Each line that includes the word "HIEMSTRA" should be copied from the records.

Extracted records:

-----

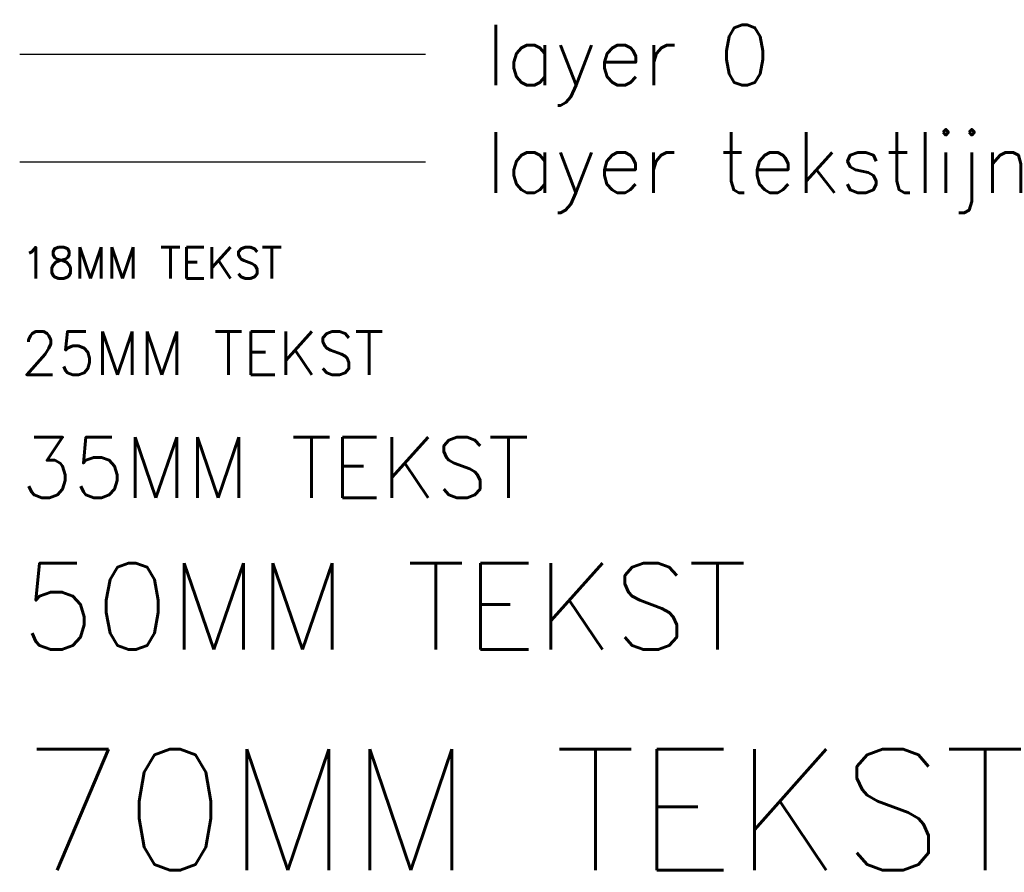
# Model space of a CAD drawing. Extents: x 145187 to 222247, y 87753 to 171871.
# Tile 5 of 37: x 145301 to 146440, y 89110 to 90096. Entities that reach past the tile are written whole.
import ezdxf

# ---------------------------------------------------------------- set-up
doc = ezdxf.new("R2010")
doc.units = 0
doc.header["$LTSCALE"] = 5
doc.header["$MEASUREMENT"] = 0
doc.layers.get('0').update_dxf_attribs({"linetype": 'CONTINUOUS'})
for name, color, linetype in [('A--T01A---_TEKSTLIJN', 1, 'CONTINUOUS'), ('A--T01A-18_TEKST', 1, 'CONTINUOUS'), ('A--T01A-25_TEKST', 2, 'CONTINUOUS'), ('A--T01A-35_TEKST', 3, 'CONTINUOUS'), ('A--T01A-50_TEKST', 4, 'CONTINUOUS'), ('A--T01A-70_TEKST', 5, 'CONTINUOUS')]:
    doc.layers.add(name, color=color, linetype=linetype)
doc.styles.add('HIEMSTRA', font='romans.shx')

msp = doc.modelspace()

# ---------------------------------------------------------------- linework, layer by layer
msp.add_line((145301.2, 90056.4), (145770.8, 90056.4))
at = {"layer": 'A--T01A---_TEKSTLIJN'}
msp.add_line((145301.2, 89932.1), (145770.8, 89932.1), dxfattribs=at)

# ---------------------------------------------------------------- texts
at = {"layer": 'A--T01A-18_TEKST', "style": 'HIEMSTRA'}
msp.add_text('18MM TEKST', height=36, dxfattribs=at).set_placement((145302.8, 89797.1))
at = {"layer": 'A--T01A-25_TEKST', "style": 'HIEMSTRA'}
msp.add_text('25MM TEKST', height=50, dxfattribs=at).set_placement((145302.8, 89685.5))
at = {"layer": 'A--T01A-35_TEKST', "style": 'HIEMSTRA'}
for s, p in [('layer 0', (145839.9, 90020.5)), ('layer tekstlijn', (145839.9, 89896.2)), ('35MM TEKST', (145302.8, 89543.2))]:
    msp.add_text(s, height=70, dxfattribs=at).set_placement(p)
at = {"layer": 'A--T01A-50_TEKST', "style": 'HIEMSTRA'}
msp.add_text('50MM TEKST', height=100, dxfattribs=at).set_placement((145302.8, 89367.4))
at = {"layer": 'A--T01A-70_TEKST', "style": 'HIEMSTRA'}
msp.add_text('70MM TEKST', height=140, dxfattribs=at).set_placement((145302.8, 89112.1))

doc.saveas('drawing.dxf')

-----

- Written response:
doc.styles.add('HIEMSTRA', font='romans.shx')
at = {"layer": 'A--T01A-18_TEKST', "style": 'HIEMSTRA'}
at = {"layer": 'A--T01A-25_TEKST', "style": 'HIEMSTRA'}
at = {"layer": 'A--T01A-35_TEKST', "style": 'HIEMSTRA'}
at = {"layer": 'A--T01A-50_TEKST', "style": 'HIEMSTRA'}
at = {"layer": 'A--T01A-70_TEKST', "style": 'HIEMSTRA'}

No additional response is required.